2-7 August 2009 | Mike Mintz, Steven Bills, Rion Snow, Dan Jurafsky
This paper presents a method for relation extraction without labeled data, using distant supervision from a large semantic database, Freebase. The approach combines the advantages of supervised and unsupervised information extraction. For each pair of entities in a Freebase relation, the method finds all sentences containing those entities in a large unlabeled corpus and extracts textual features to train a relation classifier. The algorithm uses logistic regression to combine features and achieves a precision of 67.6% for 10,000 instances of 102 relations. The method also analyzes the performance of different features, showing that syntactic parse features are particularly helpful for ambiguous or lexically distant relations.
The paper discusses three learning paradigms for relation extraction: supervised, unsupervised, and bootstrapping. Supervised methods require labeled data, which is expensive and domain-dependent. Unsupervised methods can use large amounts of data but may not map well to knowledge bases. Bootstrapping methods use a small number of seed instances to iteratively extract more relations, but often suffer from low precision and semantic drift.
The proposed method, distant supervision, uses Freebase to provide supervision for relation extraction. It leverages the fact that any sentence containing a pair of entities that participate in a known Freebase relation is likely to express that relation in some way. The method uses a logistic regression classifier to combine features and extract relations from large amounts of unlabeled data. It is not limited to a specific domain and can use any size of corpus. The method also allows for the use of syntactic features, which are particularly helpful for ambiguous or lexically distant relations.
The paper evaluates the method on a variety of tasks, including held-out evaluation and human evaluation. The results show that the method achieves high precision for a reasonably large number of relations. The held-out evaluation suggests that the combination of syntactic and lexical features provides better performance than either feature set on its own. The human evaluation shows that syntactic features are particularly helpful for certain relations, such as director-film and writer-film. The method is able to extract a large number of relations from unlabeled data and is not limited to a specific domain. The paper concludes that syntactic features are useful in distantly supervised information extraction, particularly in cases where the individual patterns are particularly ambiguous.This paper presents a method for relation extraction without labeled data, using distant supervision from a large semantic database, Freebase. The approach combines the advantages of supervised and unsupervised information extraction. For each pair of entities in a Freebase relation, the method finds all sentences containing those entities in a large unlabeled corpus and extracts textual features to train a relation classifier. The algorithm uses logistic regression to combine features and achieves a precision of 67.6% for 10,000 instances of 102 relations. The method also analyzes the performance of different features, showing that syntactic parse features are particularly helpful for ambiguous or lexically distant relations.
The paper discusses three learning paradigms for relation extraction: supervised, unsupervised, and bootstrapping. Supervised methods require labeled data, which is expensive and domain-dependent. Unsupervised methods can use large amounts of data but may not map well to knowledge bases. Bootstrapping methods use a small number of seed instances to iteratively extract more relations, but often suffer from low precision and semantic drift.

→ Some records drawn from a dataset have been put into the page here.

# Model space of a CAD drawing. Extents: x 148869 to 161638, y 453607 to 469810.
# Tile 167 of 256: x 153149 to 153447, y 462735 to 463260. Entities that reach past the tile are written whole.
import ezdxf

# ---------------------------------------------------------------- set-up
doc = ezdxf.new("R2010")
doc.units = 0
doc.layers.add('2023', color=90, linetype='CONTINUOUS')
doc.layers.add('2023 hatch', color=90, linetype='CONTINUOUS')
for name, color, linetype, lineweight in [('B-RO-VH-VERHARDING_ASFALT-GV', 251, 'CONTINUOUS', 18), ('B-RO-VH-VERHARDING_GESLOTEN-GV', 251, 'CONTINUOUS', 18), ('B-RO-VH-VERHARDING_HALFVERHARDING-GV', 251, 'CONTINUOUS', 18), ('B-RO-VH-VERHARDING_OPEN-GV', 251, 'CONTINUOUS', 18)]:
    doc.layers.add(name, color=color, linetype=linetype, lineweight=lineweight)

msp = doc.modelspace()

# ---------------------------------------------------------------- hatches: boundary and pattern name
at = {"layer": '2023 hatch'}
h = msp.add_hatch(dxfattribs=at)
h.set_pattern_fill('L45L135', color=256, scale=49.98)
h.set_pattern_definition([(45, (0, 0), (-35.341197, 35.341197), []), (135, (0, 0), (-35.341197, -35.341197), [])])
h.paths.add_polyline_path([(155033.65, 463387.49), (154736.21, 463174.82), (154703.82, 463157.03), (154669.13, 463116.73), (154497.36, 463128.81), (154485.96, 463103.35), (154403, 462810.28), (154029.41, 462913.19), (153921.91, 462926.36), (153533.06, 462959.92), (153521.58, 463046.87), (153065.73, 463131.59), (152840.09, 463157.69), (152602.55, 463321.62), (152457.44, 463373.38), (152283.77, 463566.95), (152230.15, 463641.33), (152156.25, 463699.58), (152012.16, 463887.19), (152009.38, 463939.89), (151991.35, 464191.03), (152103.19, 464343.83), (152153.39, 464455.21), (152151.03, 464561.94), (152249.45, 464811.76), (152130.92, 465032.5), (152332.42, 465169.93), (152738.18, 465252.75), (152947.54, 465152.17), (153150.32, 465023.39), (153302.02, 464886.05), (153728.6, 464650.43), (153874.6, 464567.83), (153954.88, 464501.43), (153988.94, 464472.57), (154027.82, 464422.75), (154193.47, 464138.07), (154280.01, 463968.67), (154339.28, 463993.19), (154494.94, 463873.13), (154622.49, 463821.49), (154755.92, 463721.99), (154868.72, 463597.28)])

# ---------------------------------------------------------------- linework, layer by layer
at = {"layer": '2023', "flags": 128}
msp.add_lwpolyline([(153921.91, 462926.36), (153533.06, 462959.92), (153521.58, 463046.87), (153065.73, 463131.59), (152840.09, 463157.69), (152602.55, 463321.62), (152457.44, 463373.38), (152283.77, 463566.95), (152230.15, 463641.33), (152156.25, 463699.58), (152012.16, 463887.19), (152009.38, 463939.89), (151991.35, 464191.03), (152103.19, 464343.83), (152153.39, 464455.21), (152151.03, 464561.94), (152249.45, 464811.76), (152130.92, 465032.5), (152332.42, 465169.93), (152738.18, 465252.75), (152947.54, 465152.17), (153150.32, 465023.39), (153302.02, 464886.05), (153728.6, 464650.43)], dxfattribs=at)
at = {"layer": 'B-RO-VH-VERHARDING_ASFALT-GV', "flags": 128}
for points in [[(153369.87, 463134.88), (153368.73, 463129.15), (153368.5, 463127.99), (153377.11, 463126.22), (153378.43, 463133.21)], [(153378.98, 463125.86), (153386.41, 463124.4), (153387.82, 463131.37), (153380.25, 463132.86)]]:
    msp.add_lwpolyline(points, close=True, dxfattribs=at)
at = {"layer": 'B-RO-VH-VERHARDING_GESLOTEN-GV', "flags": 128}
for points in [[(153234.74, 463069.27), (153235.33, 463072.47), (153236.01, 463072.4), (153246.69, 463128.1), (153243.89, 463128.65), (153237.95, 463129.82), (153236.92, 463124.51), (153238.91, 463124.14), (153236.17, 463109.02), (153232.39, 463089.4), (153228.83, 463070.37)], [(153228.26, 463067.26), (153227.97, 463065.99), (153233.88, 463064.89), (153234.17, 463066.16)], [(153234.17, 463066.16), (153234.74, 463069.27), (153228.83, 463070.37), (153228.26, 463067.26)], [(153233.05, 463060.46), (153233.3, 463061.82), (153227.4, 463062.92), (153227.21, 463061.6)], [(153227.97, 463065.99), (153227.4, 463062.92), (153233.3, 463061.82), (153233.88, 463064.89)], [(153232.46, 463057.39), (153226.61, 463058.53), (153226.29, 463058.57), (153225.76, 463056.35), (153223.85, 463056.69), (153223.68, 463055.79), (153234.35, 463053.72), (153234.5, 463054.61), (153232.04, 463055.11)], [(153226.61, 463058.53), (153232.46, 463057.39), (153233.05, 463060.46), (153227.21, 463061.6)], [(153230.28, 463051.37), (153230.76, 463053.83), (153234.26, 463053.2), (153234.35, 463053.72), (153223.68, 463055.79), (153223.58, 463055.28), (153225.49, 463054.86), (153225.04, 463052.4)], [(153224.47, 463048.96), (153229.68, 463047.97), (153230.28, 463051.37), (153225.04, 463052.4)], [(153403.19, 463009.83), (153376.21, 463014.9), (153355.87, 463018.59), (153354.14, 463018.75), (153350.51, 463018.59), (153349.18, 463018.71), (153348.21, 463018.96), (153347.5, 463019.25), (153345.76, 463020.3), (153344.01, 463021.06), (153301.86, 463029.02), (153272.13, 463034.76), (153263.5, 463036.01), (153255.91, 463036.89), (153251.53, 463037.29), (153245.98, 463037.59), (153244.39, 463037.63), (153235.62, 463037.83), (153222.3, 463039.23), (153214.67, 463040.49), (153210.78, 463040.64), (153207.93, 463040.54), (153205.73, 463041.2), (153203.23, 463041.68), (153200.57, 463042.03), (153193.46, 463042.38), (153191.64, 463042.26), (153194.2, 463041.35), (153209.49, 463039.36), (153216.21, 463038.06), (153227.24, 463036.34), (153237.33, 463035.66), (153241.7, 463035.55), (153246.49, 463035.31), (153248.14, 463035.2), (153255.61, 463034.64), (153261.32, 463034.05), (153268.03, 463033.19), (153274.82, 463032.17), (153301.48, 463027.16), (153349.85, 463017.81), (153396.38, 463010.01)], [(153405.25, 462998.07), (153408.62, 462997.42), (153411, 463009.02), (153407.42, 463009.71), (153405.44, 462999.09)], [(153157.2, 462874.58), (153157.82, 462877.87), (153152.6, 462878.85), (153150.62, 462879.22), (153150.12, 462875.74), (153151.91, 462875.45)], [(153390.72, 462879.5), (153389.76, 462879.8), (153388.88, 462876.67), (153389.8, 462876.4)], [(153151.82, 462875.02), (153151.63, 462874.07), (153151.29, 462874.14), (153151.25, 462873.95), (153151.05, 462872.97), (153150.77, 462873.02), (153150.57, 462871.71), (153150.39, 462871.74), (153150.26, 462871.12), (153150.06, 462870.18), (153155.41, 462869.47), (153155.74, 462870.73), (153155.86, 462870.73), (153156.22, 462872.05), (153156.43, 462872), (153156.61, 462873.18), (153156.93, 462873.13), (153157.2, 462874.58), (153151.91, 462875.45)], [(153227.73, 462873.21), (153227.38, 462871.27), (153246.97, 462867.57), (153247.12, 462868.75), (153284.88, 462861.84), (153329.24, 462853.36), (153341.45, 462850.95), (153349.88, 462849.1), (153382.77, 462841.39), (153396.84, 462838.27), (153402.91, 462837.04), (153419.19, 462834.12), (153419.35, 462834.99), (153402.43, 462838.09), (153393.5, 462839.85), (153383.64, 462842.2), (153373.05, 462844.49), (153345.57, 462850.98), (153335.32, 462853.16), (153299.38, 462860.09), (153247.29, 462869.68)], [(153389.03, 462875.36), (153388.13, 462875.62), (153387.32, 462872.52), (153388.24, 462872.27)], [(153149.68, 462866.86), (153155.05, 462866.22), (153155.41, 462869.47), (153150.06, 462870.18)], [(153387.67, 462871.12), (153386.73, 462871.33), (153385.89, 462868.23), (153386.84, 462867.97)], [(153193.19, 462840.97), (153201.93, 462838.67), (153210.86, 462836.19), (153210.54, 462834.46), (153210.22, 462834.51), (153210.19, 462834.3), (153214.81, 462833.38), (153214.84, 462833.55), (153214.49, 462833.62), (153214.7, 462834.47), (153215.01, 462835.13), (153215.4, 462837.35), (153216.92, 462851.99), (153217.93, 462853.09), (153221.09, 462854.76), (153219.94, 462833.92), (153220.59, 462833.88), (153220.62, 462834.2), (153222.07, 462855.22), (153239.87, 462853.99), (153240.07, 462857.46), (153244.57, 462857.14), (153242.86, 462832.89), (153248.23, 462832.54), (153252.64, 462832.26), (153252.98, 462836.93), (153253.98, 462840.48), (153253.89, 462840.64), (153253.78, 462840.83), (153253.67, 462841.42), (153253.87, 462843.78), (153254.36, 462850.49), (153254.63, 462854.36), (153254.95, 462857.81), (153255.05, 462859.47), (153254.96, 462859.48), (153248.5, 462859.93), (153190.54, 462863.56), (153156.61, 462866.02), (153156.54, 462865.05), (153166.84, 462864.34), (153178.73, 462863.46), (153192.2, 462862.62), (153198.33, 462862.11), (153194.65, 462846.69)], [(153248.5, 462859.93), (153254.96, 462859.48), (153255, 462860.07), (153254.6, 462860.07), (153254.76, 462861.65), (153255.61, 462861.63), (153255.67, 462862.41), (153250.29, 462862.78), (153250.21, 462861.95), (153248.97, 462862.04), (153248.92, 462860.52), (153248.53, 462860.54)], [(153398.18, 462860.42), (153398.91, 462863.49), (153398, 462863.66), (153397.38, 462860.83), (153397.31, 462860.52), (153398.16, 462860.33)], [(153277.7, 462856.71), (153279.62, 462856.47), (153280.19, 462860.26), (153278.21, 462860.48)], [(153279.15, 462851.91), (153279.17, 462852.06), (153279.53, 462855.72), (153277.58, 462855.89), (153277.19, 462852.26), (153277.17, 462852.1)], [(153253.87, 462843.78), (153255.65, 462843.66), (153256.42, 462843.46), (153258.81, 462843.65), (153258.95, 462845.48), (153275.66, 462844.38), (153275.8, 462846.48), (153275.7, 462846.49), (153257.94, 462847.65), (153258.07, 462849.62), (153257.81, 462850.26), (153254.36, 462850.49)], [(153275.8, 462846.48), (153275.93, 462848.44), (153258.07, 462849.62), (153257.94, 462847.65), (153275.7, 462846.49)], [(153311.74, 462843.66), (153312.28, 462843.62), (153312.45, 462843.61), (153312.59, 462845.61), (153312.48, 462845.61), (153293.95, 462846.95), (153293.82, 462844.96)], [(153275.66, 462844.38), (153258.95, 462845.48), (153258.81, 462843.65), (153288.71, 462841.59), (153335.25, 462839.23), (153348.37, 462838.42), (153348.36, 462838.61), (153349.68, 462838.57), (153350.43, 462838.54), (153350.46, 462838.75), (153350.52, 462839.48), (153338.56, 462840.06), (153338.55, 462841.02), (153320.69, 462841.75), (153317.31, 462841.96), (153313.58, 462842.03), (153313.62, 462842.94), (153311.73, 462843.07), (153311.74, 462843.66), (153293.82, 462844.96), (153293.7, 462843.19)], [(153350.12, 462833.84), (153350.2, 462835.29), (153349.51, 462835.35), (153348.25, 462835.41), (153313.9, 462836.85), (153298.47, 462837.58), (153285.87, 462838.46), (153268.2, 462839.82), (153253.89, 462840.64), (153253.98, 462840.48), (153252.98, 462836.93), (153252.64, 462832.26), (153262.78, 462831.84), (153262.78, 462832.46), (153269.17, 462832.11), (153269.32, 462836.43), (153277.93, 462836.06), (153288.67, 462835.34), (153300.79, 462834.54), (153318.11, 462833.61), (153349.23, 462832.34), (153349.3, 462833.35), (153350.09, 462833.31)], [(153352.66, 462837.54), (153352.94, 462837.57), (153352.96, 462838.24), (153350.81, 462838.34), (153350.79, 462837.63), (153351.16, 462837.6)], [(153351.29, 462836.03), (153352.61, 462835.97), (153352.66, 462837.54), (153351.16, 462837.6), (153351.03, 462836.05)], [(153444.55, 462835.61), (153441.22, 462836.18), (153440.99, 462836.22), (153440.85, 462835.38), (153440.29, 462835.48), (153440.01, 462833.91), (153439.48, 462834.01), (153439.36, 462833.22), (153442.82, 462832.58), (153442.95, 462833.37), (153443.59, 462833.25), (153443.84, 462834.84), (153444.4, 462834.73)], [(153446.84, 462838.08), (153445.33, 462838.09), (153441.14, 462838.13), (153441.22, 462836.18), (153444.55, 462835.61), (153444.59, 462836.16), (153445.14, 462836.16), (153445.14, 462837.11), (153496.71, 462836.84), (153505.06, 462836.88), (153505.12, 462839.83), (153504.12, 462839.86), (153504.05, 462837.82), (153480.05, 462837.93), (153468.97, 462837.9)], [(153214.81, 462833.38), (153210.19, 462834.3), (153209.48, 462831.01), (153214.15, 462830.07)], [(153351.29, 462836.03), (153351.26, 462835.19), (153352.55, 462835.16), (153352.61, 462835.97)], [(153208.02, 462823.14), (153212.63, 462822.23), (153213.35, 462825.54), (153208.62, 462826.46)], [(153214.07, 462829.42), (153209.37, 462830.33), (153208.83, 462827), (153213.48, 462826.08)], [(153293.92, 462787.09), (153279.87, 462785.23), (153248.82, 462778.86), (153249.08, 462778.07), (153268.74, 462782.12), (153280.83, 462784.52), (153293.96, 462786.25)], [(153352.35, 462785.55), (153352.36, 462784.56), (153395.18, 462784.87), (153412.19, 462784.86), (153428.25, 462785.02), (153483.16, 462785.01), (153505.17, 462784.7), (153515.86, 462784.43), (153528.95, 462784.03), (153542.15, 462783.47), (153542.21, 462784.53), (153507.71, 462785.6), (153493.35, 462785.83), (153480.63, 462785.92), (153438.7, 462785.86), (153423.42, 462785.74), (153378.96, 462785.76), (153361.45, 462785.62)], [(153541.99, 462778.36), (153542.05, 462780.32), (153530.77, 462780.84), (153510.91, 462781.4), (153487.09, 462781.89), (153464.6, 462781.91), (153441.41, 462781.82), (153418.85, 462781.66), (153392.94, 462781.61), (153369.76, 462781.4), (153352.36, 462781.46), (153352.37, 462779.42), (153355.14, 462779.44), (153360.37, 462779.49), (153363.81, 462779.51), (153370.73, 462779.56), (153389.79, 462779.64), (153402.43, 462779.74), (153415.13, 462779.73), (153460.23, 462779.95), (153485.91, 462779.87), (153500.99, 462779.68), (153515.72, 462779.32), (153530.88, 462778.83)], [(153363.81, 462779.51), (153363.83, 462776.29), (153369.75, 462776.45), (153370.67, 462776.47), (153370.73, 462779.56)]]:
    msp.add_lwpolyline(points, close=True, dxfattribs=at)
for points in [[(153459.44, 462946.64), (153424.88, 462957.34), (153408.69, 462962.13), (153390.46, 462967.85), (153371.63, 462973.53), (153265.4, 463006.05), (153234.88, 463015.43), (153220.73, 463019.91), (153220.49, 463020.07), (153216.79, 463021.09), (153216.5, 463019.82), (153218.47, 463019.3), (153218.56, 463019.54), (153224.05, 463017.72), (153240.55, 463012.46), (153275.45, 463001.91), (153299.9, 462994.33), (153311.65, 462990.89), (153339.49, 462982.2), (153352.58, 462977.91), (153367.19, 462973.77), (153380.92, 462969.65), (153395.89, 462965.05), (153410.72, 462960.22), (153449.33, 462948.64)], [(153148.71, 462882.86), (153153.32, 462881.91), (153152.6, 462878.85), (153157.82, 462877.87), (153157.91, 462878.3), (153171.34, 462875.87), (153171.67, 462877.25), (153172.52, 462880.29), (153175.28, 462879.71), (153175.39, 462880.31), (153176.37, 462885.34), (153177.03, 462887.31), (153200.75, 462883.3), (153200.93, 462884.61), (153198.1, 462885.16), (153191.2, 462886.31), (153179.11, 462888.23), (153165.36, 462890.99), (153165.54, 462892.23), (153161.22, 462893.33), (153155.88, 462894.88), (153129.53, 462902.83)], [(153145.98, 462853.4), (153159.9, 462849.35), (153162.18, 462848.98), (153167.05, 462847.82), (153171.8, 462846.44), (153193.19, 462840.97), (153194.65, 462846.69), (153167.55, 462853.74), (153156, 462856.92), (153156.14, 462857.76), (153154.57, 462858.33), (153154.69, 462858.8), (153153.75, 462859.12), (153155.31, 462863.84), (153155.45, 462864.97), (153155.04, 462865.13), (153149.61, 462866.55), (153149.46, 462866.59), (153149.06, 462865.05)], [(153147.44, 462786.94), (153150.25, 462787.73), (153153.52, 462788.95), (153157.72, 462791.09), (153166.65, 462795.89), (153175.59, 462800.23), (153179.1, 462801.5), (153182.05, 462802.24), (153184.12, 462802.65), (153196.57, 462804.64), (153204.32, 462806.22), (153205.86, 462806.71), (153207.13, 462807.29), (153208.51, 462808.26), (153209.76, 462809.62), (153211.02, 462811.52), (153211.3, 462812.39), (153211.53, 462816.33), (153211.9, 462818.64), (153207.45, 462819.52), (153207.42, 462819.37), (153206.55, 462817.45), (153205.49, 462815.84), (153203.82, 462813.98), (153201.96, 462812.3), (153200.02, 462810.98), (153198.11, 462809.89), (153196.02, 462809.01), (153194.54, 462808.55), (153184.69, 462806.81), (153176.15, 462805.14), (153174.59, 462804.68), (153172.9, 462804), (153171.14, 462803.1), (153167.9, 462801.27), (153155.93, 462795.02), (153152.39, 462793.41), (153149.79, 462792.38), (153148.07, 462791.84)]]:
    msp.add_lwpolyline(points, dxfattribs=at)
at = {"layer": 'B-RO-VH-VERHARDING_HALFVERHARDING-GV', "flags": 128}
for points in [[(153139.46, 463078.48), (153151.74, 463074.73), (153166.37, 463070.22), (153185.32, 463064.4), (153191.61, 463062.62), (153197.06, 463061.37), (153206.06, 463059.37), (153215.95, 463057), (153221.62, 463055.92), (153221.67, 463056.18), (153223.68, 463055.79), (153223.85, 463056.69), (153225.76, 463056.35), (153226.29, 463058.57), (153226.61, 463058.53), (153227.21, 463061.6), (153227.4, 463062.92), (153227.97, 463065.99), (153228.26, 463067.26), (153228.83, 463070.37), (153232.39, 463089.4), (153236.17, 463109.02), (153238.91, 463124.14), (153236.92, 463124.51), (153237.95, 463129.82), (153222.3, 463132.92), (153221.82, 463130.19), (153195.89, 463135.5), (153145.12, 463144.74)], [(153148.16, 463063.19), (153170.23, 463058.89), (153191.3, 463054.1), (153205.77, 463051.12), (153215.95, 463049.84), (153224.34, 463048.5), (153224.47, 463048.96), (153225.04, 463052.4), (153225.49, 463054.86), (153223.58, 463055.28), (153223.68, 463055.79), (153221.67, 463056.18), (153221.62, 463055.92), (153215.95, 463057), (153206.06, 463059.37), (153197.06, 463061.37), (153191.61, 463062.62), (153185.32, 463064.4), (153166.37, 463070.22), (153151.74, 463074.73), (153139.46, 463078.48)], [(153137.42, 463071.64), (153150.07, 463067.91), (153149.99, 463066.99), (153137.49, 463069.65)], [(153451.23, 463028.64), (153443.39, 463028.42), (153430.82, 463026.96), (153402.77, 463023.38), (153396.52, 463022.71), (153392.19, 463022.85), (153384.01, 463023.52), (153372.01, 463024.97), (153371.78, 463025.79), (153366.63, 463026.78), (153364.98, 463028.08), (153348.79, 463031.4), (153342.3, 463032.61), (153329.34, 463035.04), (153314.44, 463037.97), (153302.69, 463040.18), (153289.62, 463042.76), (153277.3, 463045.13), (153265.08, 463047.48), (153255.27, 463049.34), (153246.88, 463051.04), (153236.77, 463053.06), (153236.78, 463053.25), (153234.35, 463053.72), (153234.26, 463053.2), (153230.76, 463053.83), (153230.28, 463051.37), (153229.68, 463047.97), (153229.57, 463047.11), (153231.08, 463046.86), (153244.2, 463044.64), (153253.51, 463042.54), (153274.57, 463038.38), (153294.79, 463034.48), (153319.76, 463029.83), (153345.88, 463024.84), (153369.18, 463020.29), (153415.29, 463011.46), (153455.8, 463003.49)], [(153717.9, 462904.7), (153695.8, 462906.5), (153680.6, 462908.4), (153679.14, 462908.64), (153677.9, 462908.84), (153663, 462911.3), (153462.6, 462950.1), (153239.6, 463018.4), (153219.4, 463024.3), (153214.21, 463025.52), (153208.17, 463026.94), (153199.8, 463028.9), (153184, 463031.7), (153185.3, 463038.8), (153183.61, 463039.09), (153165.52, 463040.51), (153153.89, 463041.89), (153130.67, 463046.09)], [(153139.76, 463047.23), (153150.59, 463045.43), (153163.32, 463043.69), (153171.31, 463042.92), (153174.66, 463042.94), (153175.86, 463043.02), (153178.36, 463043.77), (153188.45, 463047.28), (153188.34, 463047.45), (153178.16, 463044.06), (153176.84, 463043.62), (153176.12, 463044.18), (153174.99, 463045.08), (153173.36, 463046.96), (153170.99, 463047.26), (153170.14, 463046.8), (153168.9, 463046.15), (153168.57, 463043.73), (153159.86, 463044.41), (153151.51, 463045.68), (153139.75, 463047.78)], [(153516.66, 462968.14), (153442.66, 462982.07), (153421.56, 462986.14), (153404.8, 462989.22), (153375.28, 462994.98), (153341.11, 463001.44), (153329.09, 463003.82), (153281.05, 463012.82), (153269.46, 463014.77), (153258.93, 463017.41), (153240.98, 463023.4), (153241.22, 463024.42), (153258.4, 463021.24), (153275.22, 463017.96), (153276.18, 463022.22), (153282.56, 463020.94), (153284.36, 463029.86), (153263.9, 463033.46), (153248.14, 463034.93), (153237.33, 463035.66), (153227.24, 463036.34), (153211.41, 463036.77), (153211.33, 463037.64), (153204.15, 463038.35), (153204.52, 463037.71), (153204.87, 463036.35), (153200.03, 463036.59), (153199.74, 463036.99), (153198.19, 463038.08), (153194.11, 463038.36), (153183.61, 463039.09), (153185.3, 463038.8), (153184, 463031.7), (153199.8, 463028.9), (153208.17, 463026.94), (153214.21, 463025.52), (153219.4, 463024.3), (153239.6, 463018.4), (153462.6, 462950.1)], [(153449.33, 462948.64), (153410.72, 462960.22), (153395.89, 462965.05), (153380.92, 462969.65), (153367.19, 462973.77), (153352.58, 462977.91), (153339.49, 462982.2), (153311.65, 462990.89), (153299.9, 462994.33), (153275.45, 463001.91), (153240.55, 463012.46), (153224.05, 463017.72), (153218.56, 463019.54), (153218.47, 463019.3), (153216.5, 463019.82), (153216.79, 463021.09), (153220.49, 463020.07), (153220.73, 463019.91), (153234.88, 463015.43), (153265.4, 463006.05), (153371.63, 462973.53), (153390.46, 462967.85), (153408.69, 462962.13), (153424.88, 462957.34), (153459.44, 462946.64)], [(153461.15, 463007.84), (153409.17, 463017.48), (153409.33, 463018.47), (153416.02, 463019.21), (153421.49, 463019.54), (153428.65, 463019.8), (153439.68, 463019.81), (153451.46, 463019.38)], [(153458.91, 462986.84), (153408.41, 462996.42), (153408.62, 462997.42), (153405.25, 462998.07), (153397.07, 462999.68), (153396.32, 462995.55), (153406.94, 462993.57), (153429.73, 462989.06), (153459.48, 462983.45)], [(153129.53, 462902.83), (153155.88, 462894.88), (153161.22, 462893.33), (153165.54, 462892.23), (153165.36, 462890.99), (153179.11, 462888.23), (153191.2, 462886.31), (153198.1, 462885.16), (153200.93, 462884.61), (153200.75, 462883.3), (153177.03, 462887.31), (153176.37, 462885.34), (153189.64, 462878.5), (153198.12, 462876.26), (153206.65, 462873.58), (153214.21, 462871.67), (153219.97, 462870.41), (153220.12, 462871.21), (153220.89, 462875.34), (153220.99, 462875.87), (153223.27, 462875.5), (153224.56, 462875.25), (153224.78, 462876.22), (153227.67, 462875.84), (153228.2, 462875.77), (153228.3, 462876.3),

The proposed method, distant supervision, uses Freebase to provide supervision for relation extraction. It leverages the fact that any sentence containing a pair of entities that participate in a known Freebase relation is likely to express that relation in some way. The method uses a logistic regression classifier to combine features and extract relations from large amounts of unlabeled data. It is not limited to a specific domain and can use any size of corpus. The method also allows for the use of syntactic features, which are particularly helpful for ambiguous or lexically distant relations.
The paper evaluates the method on a variety of tasks, including held-out evaluation and human evaluation. The results show that the method achieves high precision for a reasonably large number of relations. The held-out evaluation suggests that the combination of syntactic and lexical features provides better performance than either feature set on its own. The human evaluation shows that syntactic features are particularly helpful for certain relations, such as director-film and writer-film. The method is able to extract a large number of relations from unlabeled data and is not limited to a specific domain. The paper concludes that syntactic features are useful in distantly supervised information extraction, particularly in cases where the individual patterns are particularly ambiguous.